I’ve been a cyclist all my life really, but in my mid 60’s am now in my most intense period every. I can’t be sure whether I’m faster now than ever before or more fit than ever before since age becomes such a huge factor at this point. In the last few years its become a much bigger focus. I was riding when I had my paper route for the Hudson Dispatch in Fort Lee, New Jersey. In high school I had a Sears 3 speed which I frequently rode over the George Washington Bridge into Manhattan to circle around the Cloisters. I picked up riding again in Medical School when I bought a classic Raleigh Gran Prix which I rode out to the now rather infamous Stone Mountain. During my years here in Baltimore, I’ve ridden on our local roads pretty consistently when family and work responsibilities allowed.
About 3 years ago, when my internist suggested I get a bit more regular cardiovascular exercise to supplement my weight training, I began this latest phase of seeing just how well I could perform on the bike. After starting out with some training plans from Zwift for use on a smart trainer, I ended up with a local coach, Mike Birner and a serious commitment to riding.
This morning, the schedule was for 3 hour ride. I rode with a small group from our local bike club on the flatter terrain west of where I live.
I mentioned having finished the Foundation Trilogy yesterday. For some reason, I’ve been re-reading a few of the classics. This year I read the Hobbit and the Lord of the RIngs trilogy and the original Dune trilogy. They all hold up very well. We don’t seem to read Heinlein anymore. I wonder how Larry Nivea’s Ringworld books would hold up. I was a big fan of Phillip Jose Farmer’s Riverworld books. Some streaming platform will probably try to adapt them at some point I suppose.
I don’t see making a series out of the Foundation books. There’s no villain and no conflict except history itself.
I’m hoping for a Mac Mini from Apple tomorrow that supports my two monitor setup. I really need a replacement for my current mini with a bigger internal hard drive, but the first Apple Silicon version was too limited in monitor support to use.

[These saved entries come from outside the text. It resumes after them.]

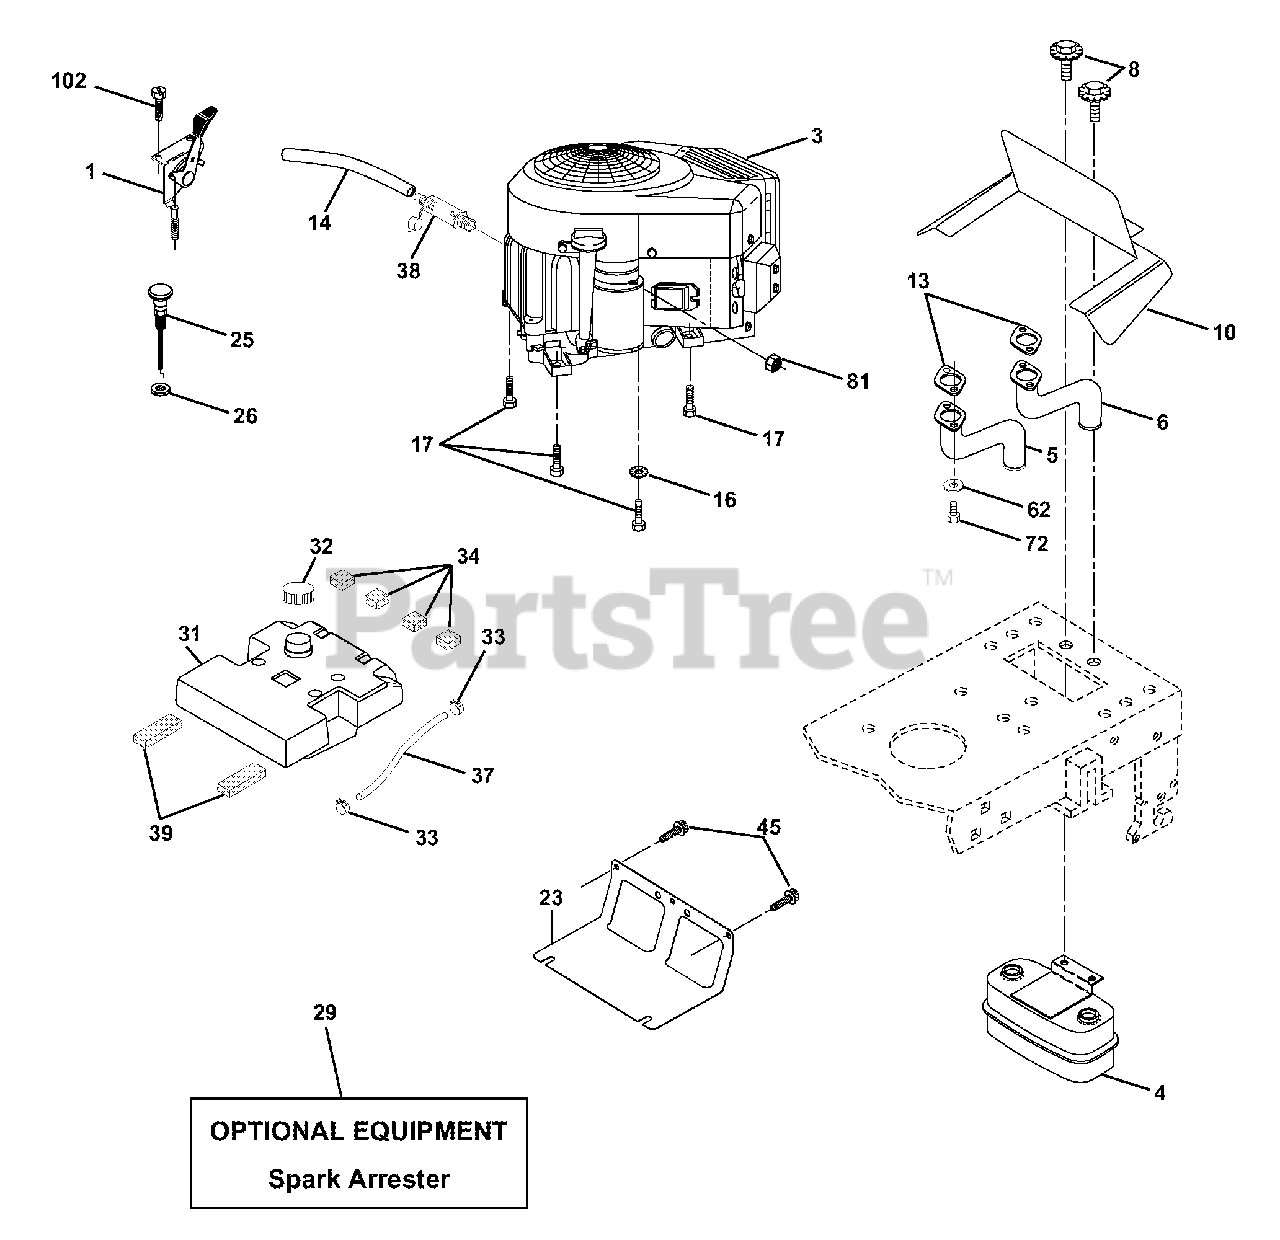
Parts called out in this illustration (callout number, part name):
1	Control Throttle
4	Muffler Asm Twin Lo-Tone
5	Pipe Exhaust LH Intek
6	Pipe Exhaust RH Intek
8	Bolt 5/16-18 UNC x 3/4 w/Sems
10	Shield Browning Intek II
13	Muffler Gasket
14	Tube Drain Oil Easy
16	Washer Lock Ext Tooth 3/8
17	Screw Thdrol 3/8-16 x 1-1/2
23	Shield Heat
25	Choke Control
26	Nut, Keps 3/8-24 UNF
29	Kit Spark Arrestor (Flat Scrn)
31	Tank Fuel 3 50 Rear
32	Cap Asm Fuel W/sym Vented
33	Clamp Hose Black
34	Pad, Spacer
37	Line Fuel
38	Plug Drain Oil Easy
39	Pad, Idler
45	Screw Hexwsh Thdr 3/8-16 x 3/4
62	Washer Lock 5/16
72	Screw Hex Hd Cap 5/16-18 x 3/4
81	Nut Keps Hex 1/4-20 UNC
102	Screw Hw Hd Hi-Lo #13-16 x 3/4
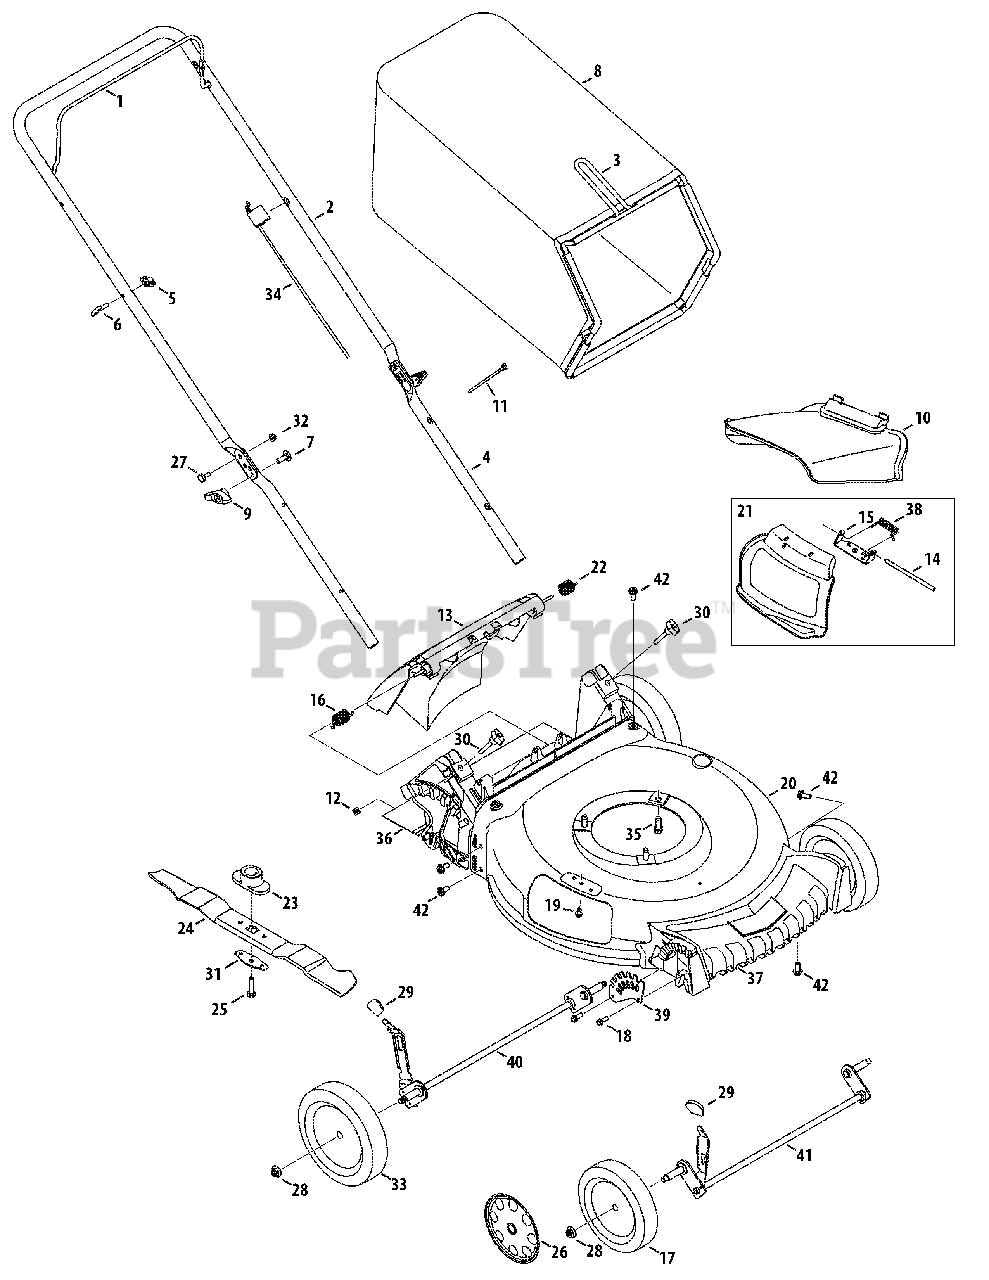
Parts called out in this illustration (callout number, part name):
1	Blade Control
2	Upper Handle
3	Grass Catcher Frame
4	Lower Handle
6	Rope Guide
7	Carriage Screw, 5/16-18
8	Grass Bag
10	Side Chute w/Flap
11	Cable Tie
12	Nut, Sq., 1/4-20
13	Rear Discharge Door & Baffle Assembly-Generic
13	Rear Discharge Door & Baffle Assembly-Lowes
14	Hinge Pin
15	Chute Deflector Bracket
16	Torsion Spring - RH
17	Front Wheel
18	Screw, 1/4-15 x .750
19	Screw, 1/4-20 x .500
20	Deck, 21"
21	Hinged Mulch Plug Assembly
22	Torsion Spring - LH
23	Blade Adapter
24	Mulching Blade
25	Screw, 3/8-24 x 1.50
27	Sldr. Screw, .375 x .126 x 1/4-20
28	Flange Lock Nut, 3/8-16
29	Adjustment Lever Knob
30	Wing Nut
31	Blade Bell Support
32	Nut, Flange Lock, 1/4-20
33	Rear Wheel
34	Control Cable
35	TT Sems Screw, 3/8-16 x 1.0
36	Trail shield
37	Front Cover
38	Torsion Spring
39	Front Height Adjuster Plate
40	Rear Axle Assembly
41	Front Axle Assembly
42	Screw, 5/16-14 x .750

Last night I had some sad dreams. Old friends and mentors acting totally out of character. Lost items which disappear in greater numbers the harder you look until nothing is left. Interestingly, the few prospective studies of the emotional content of dreams have shown about equal positive and negative emotional valence, but this is biased by recall of dreams from just before awakening. The functions of dreams and sleep continue to be guessed at but seem central to preparing the brain for another round of activity in the waking state.
Dreams are passive creations of the imagination. Awake we have a drive to create things separate from ourselves. Blogs, bookcases and fancy cakes. Is this a way of creating a legacy? Something to outlast ourselves, independent from ourselves? In the end, becoming better versions of ourselves has to be our most important act and our greatest legacy.